Insurance companies do look at your credit score when they underwrite a car-insurance policy, but they don't treat it as the sole determinant of your premium. Most major insurers run a credit-based insurance score-a version of the traditional credit score that's tailored to predict the likelihood of filing a claim. When you apply, the insurer will typically request a soft pull from one of the credit bureaus; this inquiry doesn't affect your credit rating, but it gives the carrier a snapshot of your credit history and current score. The data are then combined with other underwriting factors such as driving record, age, vehicle type, and location to generate the quoted rate.

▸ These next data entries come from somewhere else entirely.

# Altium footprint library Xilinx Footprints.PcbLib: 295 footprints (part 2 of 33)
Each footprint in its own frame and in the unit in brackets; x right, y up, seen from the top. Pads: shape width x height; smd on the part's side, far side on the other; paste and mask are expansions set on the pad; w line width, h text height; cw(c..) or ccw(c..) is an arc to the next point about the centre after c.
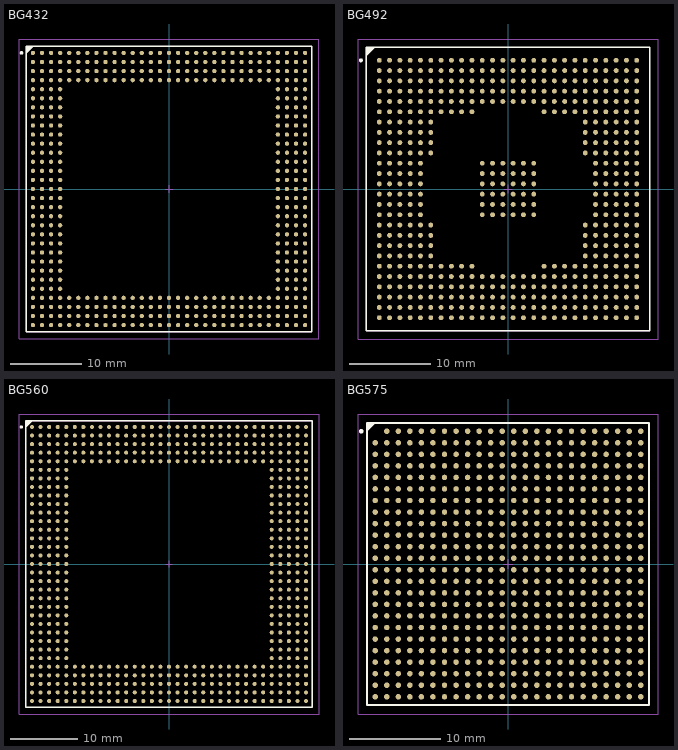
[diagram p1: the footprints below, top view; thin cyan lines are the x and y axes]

## BG432 [mm] "432-Ball Metal Ball Grid Array (BG432)"
height 1.7
pads (432):
  round 0.6 smd: A1(-19.05,19.05) A2(-17.78,19.05) A3(-16.51,19.05) A4(-15.24,19.05) A5(-13.97,19.05) A6(-12.7,19.05) A7(-11.43,19.05) A8(-10.16,19.05) A9(-8.89,19.05) A10(-7.62,19.05) A11(-6.35,19.05) A12(-5.08,19.05) A13(-3.81,19.05) A14(-2.54,19.05) A15(-1.27,19.05) A16(0,19.05) A17(1.27,19.05) A18(2.54,19.05) A19(3.81,19.05) A20(5.08,19.05) A21(6.35,19.05) A22(7.62,19.05) A23(8.89,19.05) A24(10.16,19.05) A25(11.43,19.05) A26(12.7,19.05) A27(13.97,19.05) A28(15.24,19.05) A29(16.51,19.05) A30(17.78,19.05) A31(19.05,19.05) AA1(-19.05,-6.35) AA2(-17.78,-6.35) AA3(-16.51,-6.35) AA4(-15.24,-6.35) AA28(15.24,-6.35) AA29(16.51,-6.35) AA30(17.78,-6.35) AA31(19.05,-6.35) AB1(-19.05,-7.62) AB2(-17.78,-7.62) AB3(-16.51,-7.62) AB4(-15.24,-7.62) AB28(15.24,-7.62) AB29(16.51,-7.62) AB30(17.78,-7.62) AB31(19.05,-7.62) AC1(-19.05,-8.89) AC2(-17.78,-8.89) AC3(-16.51,-8.89) AC4(-15.24,-8.89) AC28(15.24,-8.89) AC29(16.51,-8.89) AC30(17.78,-8.89) AC31(19.05,-8.89) AD1(-19.05,-10.16) AD2(-17.78,-10.16) AD3(-16.51,-10.16) AD4(-15.24,-10.16) AD28(15.24,-10.16) AD29(16.51,-10.16) AD30(17.78,-10.16) AD31(19.05,-10.16) AE1(-19.05,-11.43) AE2(-17.78,-11.43) AE3(-16.51,-11.43) AE4(-15.24,-11.43) AE28(15.24,-11.43) AE29(16.51,-11.43) AE30(17.78,-11.43) AE31(19.05,-11.43) AF1(-19.05,-12.7) AF2(-17.78,-12.7) AF3(-16.51,-12.7) AF4(-15.24,-12.7) AF28(15.24,-12.7) AF29(16.51,-12.7) AF30(17.78,-12.7) AF31(19.05,-12.7) AG1(-19.05,-13.97) AG2(-17.78,-13.97) AG3(-16.51,-13.97) AG4(-15.24,-13.97) AG28(15.24,-13.97) AG29(16.51,-13.97) AG30(17.78,-13.97) AG31(19.05,-13.97) AH1(-19.05,-15.24) AH2(-17.78,-15.24) AH3(-16.51,-15.24) AH4(-15.24,-15.24) AH5(-13.97,-15.24) AH6(-12.7,-15.24) AH7(-11.43,-15.24) AH8(-10.16,-15.24) AH9(-8.89,-15.24) AH10(-7.62,-15.24) AH11(-6.35,-15.24) AH12(-5.08,-15.24) AH13(-3.81,-15.24) AH14(-2.54,-15.24) AH15(-1.27,-15.24) AH16(0,-15.24) AH17(1.27,-15.24) AH18(2.54,-15.24) AH19(3.81,-15.24) AH20(5.08,-15.24) AH21(6.35,-15.24) AH22(7.62,-15.24) AH23(8.89,-15.24) AH24(10.16,-15.24) AH25(11.43,-15.24) AH26(12.7,-15.24) AH27(13.97,-15.24) AH28(15.24,-15.24) AH29(16.51,-15.24) AH30(17.78,-15.24) AH31(19.05,-15.24) AJ1(-19.05,-16.51) AJ2(-17.78,-16.51) AJ3(-16.51,-16.51) AJ4(-15.24,-16.51) AJ5(-13.97,-16.51) AJ6(-12.7,-16.51) AJ7(-11.43,-16.51) AJ8(-10.16,-16.51) AJ9(-8.89,-16.51) AJ10(-7.62,-16.51) AJ11(-6.35,-16.51) AJ12(-5.08,-16.51) AJ13(-3.81,-16.51) AJ14(-2.54,-16.51) AJ15(-1.27,-16.51) AJ16(0,-16.51) AJ17(1.27,-16.51) AJ18(2.54,-16.51) AJ19(3.81,-16.51) AJ20(5.08,-16.51) AJ21(6.35,-16.51) AJ22(7.62,-16.51) AJ23(8.89,-16.51) AJ24(10.16,-16.51) AJ25(11.43,-16.51) AJ26(12.7,-16.51) AJ27(13.97,-16.51) AJ28(15.24,-16.51) AJ29(16.51,-16.51) AJ30(17.78,-16.51) AJ31(19.05,-16.51) AK1(-19.05,-17.78) AK2(-17.78,-17.78) AK3(-16.51,-17.78) AK4(-15.24,-17.78) AK5(-13.97,-17.78) AK6(-12.7,-17.78) AK7(-11.43,-17.78) AK8(-10.16,-17.78) AK9(-8.89,-17.78) AK10(-7.62,-17.78) AK11(-6.35,-17.78) AK12(-5.08,-17.78) AK13(-3.81,-17.78) AK14(-2.54,-17.78) AK15(-1.27,-17.78) AK16(0,-17.78) AK17(1.27,-17.78) AK18(2.54,-17.78) AK19(3.81,-17.78) AK20(5.08,-17.78) AK21(6.35,-17.78) AK22(7.62,-17.78) AK23(8.89,-17.78) AK24(10.16,-17.78) AK25(11.43,-17.78) AK26(12.7,-17.78) AK27(13.97,-17.78) AK28(15.24,-17.78) AK29(16.51,-17.78) AK30(17.78,-17.78) AK31(19.05,-17.78) AL1(-19.05,-19.05) AL2(-17.78,-19.05) AL3(-16.51,-19.05) AL4(-15.24,-19.05) AL5(-13.97,-19.05) AL6(-12.7,-19.05) AL7(-11.43,-19.05) AL8(-10.16,-19.05) AL9(-8.89,-19.05) AL10(-7.62,-19.05) AL11(-6.35,-19.05) AL12(-5.08,-19.05) AL13(-3.81,-19.05) AL14(-2.54,-19.05) AL15(-1.27,-19.05) AL16(0,-19.05) AL17(1.27,-19.05) AL18(2.54,-19.05) AL19(3.81,-19.05) AL20(5.08,-19.05) AL21(6.35,-19.05) AL22(7.62,-19.05) AL23(8.89,-19.05) AL24(10.16,-19.05) AL25(11.43,-19.05) AL26(12.7,-19.05) AL27(13.97,-19.05) AL28(15.24,-19.05) AL29(16.51,-19.05) AL30(17.78,-19.05) AL31(19.05,-19.05) B1(-19.05,17.78) B2(-17.78,17.78) B3(-16.51,17.78) B4(-15.24,17.78) B5(-13.97,17.78) B6(-12.7,17.78) B7(-11.43,17.78) B8(-10.16,17.78) B9(-8.89,17.78) B10(-7.62,17.78) B11(-6.35,17.78) B12(-5.08,17.78) B13(-3.81,17.78) B14(-2.54,17.78) B15(-1.27,17.78) B16(0,17.78) B17(1.27,17.78) B18(2.54,17.78) B19(3.81,17.78) B20(5.08,17.78) B21(6.35,17.78) B22(7.62,17.78) B23(8.89,17.78) B24(10.16,17.78) B25(11.43,17.78) B26(12.7,17.78) B27(13.97,17.78) B28(15.24,17.78) B29(16.51,17.78) B30(17.78,17.78) B31(19.05,17.78) C1(-19.05,16.51) C2(-17.78,16.51) C3(-16.51,16.51) C4(-15.24,16.51) C5(-13.97,16.51) C6(-12.7,16.51) C7(-11.43,16.51) C8(-10.16,16.51) C9(-8.89,16.51) C10(-7.62,16.51) C11(-6.35,16.51) C12(-5.08,16.51) C13(-3.81,16.51) C14(-2.54,16.51) C15(-1.27,16.51) C16(0,16.51) C17(1.27,16.51) C18(2.54,16.51) C19(3.81,16.51) C20(5.08,16.51) C21(6.35,16.51) C22(7.62,16.51) C23(8.89,16.51) C24(10.16,16.51) C25(11.43,16.51) C26(12.7,16.51) C27(13.97,16.51) C28(15.24,16.51) C29(16.51,16.51) C30(17.78,16.51) C31(19.05,16.51) D1(-19.05,15.24) D2(-17.78,15.24) D3(-16.51,15.24) D4(-15.24,15.24) D5(-13.97,15.24) D6(-12.7,15.24) D7(-11.43,15.24) D8(-10.16,15.24) D9(-8.89,15.24) D10(-7.62,15.24) D11(-6.35,15.24) D12(-5.08,15.24) D13(-3.81,15.24) D14(-2.54,15.24) D15(-1.27,15.24) D16(0,15.24) D17(1.27,15.24) D18(2.54,15.24) D19(3.81,15.24) D20(5.08,15.24) D21(6.35,15.24) D22(7.62,15.24) D23(8.89,15.24) D24(10.16,15.24) D25(11.43,15.24) D26(12.7,15.24) D27(13.97,15.24) D28(15.24,15.24) D29(16.51,15.24) D30(17.78,15.24) D31(19.05,15.24) E1(-19.05,13.97) E2(-17.78,13.97) E3(-16.51,13.97) E4(-15.24,13.97) E28(15.24,13.97) E29(16.51,13.97) E30(17.78,13.97) E31(19.05,13.97) F1(-19.05,12.7) F2(-17.78,12.7) F3(-16.51,12.7) F4(-15.24,12.7) F28(15.24,12.7) F29(16.51,12.7) F30(17.78,12.7) F31(19.05,12.7) G1(-19.05,11.43) G2(-17.78,11.43) G3(-16.51,11.43) G4(-15.24,11.43) G28(15.24,11.43) G29(16.51,11.43) G30(17.78,11.43) G31(19.05,11.43) H1(-19.05,10.16) H2(-17.78,10.16) H3(-16.51,10.16) H4(-15.24,10.16) H28(15.24,10.16) H29(16.51,10.16) H30(17.78,10.16) H31(19.05,10.16) J1(-19.05,8.89) J2(-17.78,8.89) J3(-16.51,8.89) J4(-15.24,8.89) J28(15.24,8.89) J29(16.51,8.89) J30(17.78,8.89) J31(19.05,8.89) K1(-19.05,7.62) K2(-17.78,7.62) K3(-16.51,7.62) K4(-15.24,7.62) K28(15.24,7.62) K29(16.51,7.62) K30(17.78,7.62) K31(19.05,7.62) L1(-19.05,6.35) L2(-17.78,6.35) L3(-16.51,6.35) L4(-15.24,6.35) L28(15.24,6.35) L29(16.51,6.35) L30(17.78,6.35) L31(19.05,6.35) M1(-19.05,5.08) M2(-17.78,5.08) M3(-16.51,5.08) M4(-15.24,5.08) M28(15.24,5.08) M29(16.51,5.08) M30(17.78,5.08) M31(19.05,5.08) N1(-19.05,3.81) N2(-17.78,3.81) N3(-16.51,3.81) N4(-15.24,3.81) N28(15.24,3.81) N29(16.51,3.81) N30(17.78,3.81) N31(19.05,3.81) P1(-19.05,2.54) P2(-17.78,2.54) P3(-16.51,2.54) P4(-15.24,2.54) P28(15.24,2.54) P29(16.51,2.54) P30(17.78,2.54) P31(19.05,2.54) R1(-19.05,1.27) R2(-17.78,1.27) R3(-16.51,1.27) R4(-15.24,1.27) R28(15.24,1.27) R29(16.51,1.27) R30(17.78,1.27) R31(19.05,1.27) T1(-19.05,0) T2(-17.78,0) T3(-16.51,0) T4(-15.24,0) T28(15.24,0) T29(16.51,0) T30(17.78,0) T31(19.05,0) U1(-19.05,-1.27) U2(-17.78,-1.27) U3(-16.51,-1.27) U4(-15.24,-1.27) U28(15.24,-1.27) U29(16.51,-1.27) U30(17.78,-1.27) U31(19.05,-1.27) V1(-19.05,-2.54) V2(-17.78,-2.54) V3(-16.51,-2.54) V4(-15.24,-2.54) V28(15.24,-2.54) V29(16.51,-2.54) V30(17.78,-2.54) V31(19.05,-2.54) W1(-19.05,-3.81) W2(-17.78,-3.81) W3(-16.51,-3.81) W4(-15.24,-3.81) W28(15.24,-3.81) W29(16.51,-3.81) W30(17.78,-3.81) W31(19.05,-3.81) Y1(-19.05,-5.08) Y2(-17.78,-5.08) Y3(-16.51,-5.08) Y4(-15.24,-5.08) Y28(15.24,-5.08) Y29(16.51,-5.08) Y30(17.78,-5.08) Y31(19.05,-5.08)
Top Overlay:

If you live in a state that prohibits the use of credit information (e.g., California, Michigan, or Hawaii), the insurer will skip this step and rely more heavily on the remaining risk factors. Conversely, in states where credit is permitted, a higher credit score generally translates into a lower premium because it signals lower risk, while a lower score can result in a higher premium-but it rarely leads to outright denial of coverage.

Why your credit matters for car insurance

Insurance companies view your credit score as a proxy for financial responsibility. Studies consistently show that drivers with higher scores tend to file fewer claims, so insurers incorporate the score into the underwriting formula that determines the premium you'll pay. In practice, the score influences the risk category you're placed in, which then shapes the quoted rate and ultimately the premium amount.

Because the score reflects patterns such as bill payment history, outstanding debts, and overall credit utilization, it gives insurers insight into how likely you are to maintain a vehicle responsibly and settle any potential damages promptly. While a good credit score won't guarantee the lowest premium, it usually positions you in a more favorable risk tier, whereas a lower score often results in a higher quoted rate and consequently a larger premium.

States where credit score does not affect rates

In many jurisdictions insurers are barred from using a credit-based insurance score when they calculate the rate for a car-insurance policy. In those states the premium you pay is determined by other underwriting factors-such as driving history, vehicle type, and location-rather than your credit score. This means that whether you have a pristine credit history or a thin file, the quoted rate will not reflect your credit standing.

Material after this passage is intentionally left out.